As your equity increases, you can refinance your mortgage and receive cash for that equity. With a cash-out refinance, you replace your old mortgage with a new one in a larger amount than your previous loan. Then you receive the difference, or an amount determined by lender. A cash-out refinance is a new mortgage and not a second mortgage.
Equity in your home can increase in a couple of ways:
- You’ve paid down the principle of the loan and owe less than 80% of the loan principle.
- Your home has increased in value which changes the loan-to-value rate. This can happen because you’ve done home improvements or because the market has changed.
How does a cash-out refinance work?
Let’s say Joe and Sue took out a mortgage for $300,000 ten years ago. They now want to do $40,000 worth of home improvements. They also notice that the interest rates have gone down since they first took out their loan. Instead of taking out a line of credit, they decide to do a cash-out refinance.
Since Joe and Sue purchased their home, they’ve paid $150,000 of their loan principle. They’ve built up 50% equity. The lender takes what they owe, $150,000, and adds the total cash they are taking out of their equity, $40,000. Their new refinanced mortgage principle will be $190,000. After they close, that cash is theirs to spend how they wish.
Important Questions about Cash-Out Refinance:
Do you meet the requirements?
- Credit score 620
- DTI (Debt-to-Income ratio) Limit: 50%
- Minimum 20% equity
- You can’t cash out 100% of your home’s value (VA loan is the exception)
Can you get what you need through the refinance?
Lenders won’t let you cash out more than 80% of your home’s value minus what you owe. They typically want you to leave 20% equity in your home. If you need more than that, then you may need other resources.
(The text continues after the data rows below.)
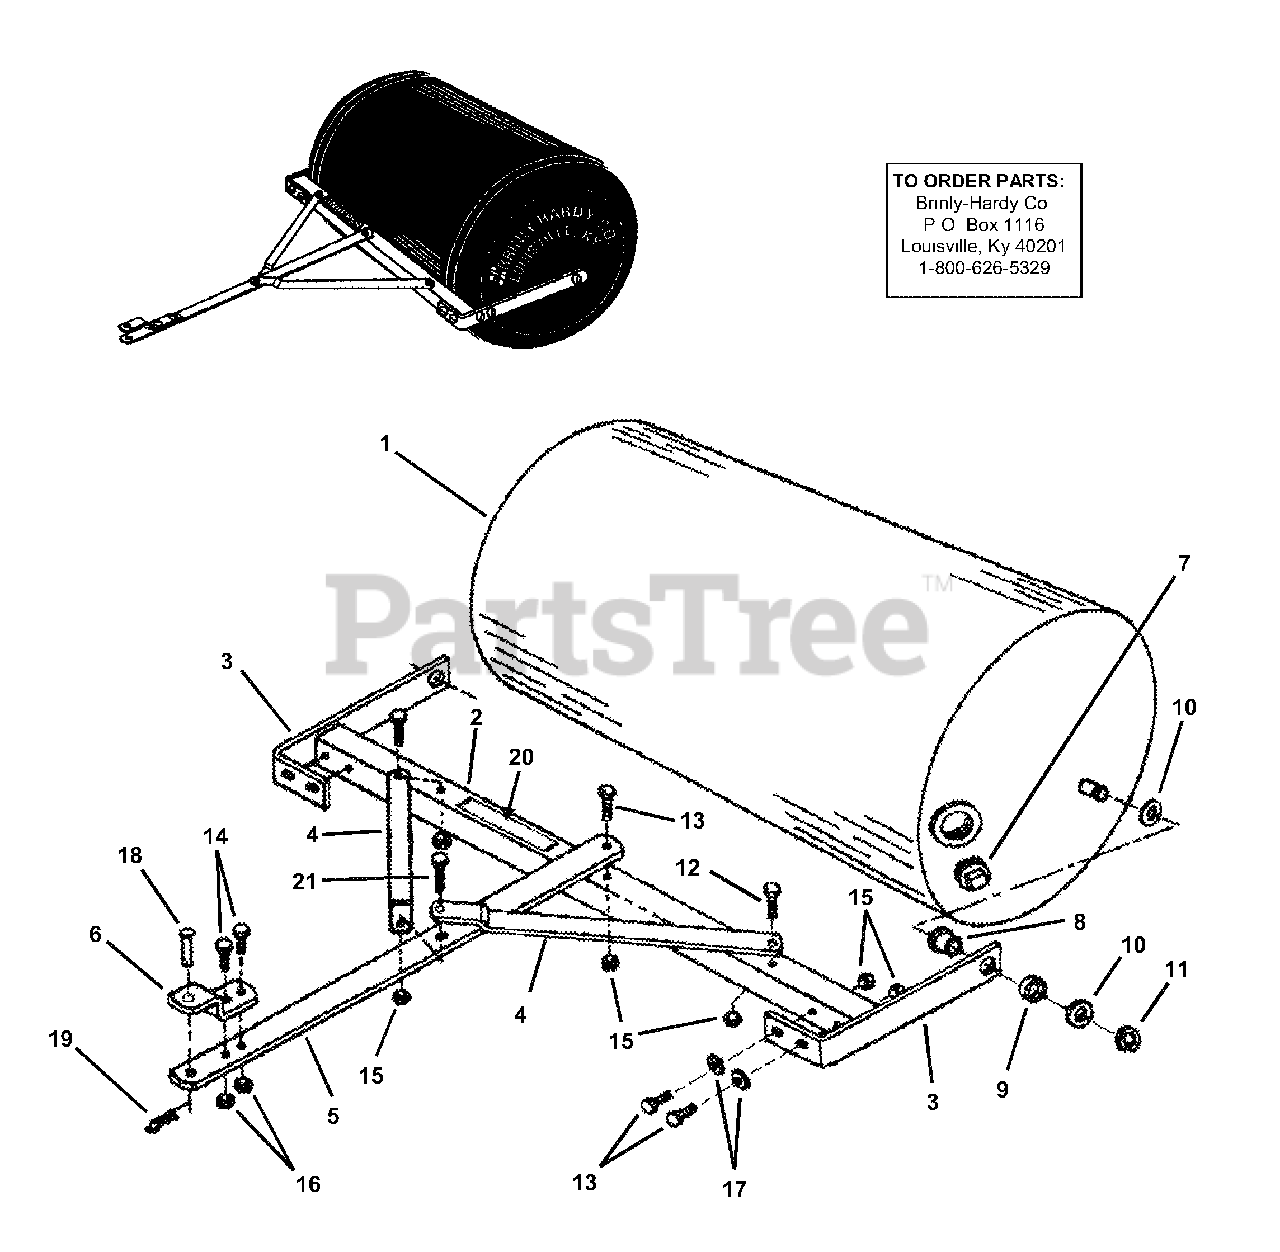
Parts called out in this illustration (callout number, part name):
1	DRUM, Roller
2	BAR, Scraper
3	BAR, Side
4	BRACE, Frame
8	BEARING
9	SPACER, Bearing
10	WASHER, Machine Bushing
11	"E" RETAINING RING Type 1
12	BOLT, 3/8 x 1" Hex
13	BOLT, 3/8 x 1-1/4" Hex
14	BOLT, 5/16 x 1-1/4" Hex
15	NUT, 3/8" Nylon Insert
16	NUT, 5/16" Nylon Insert
17	WASHER, 3/8" Plain
18	HITCH PIN, 1/2 x 2-3/4"
19	HAIRPIN COTTER, 1/8"
20	DECAL, Logo
21	BOLT, 3/8 x 1-1/2"

In the example above, 80% of the value of Joe and Sue’s home is $240,000. Subtract the $150,000 they owed on the original loan and the total they could cash out is approximately $90,000. They have enough equity to do the improvements they planned.
How is a cash-out refinance different than a home equity loan or home equity line of credit (HELOC)?
With a cash-out refinance, you replace your existing mortgage with new mortgage at higher amount. You still only have one mortgage. A home equity loan or HELOC is an additional mortgage.
The best way to evaluate if a cash-out refinance is right for you is to look at your equity, the interest rates, closing costs, and any tax deductions that might come with the refinance.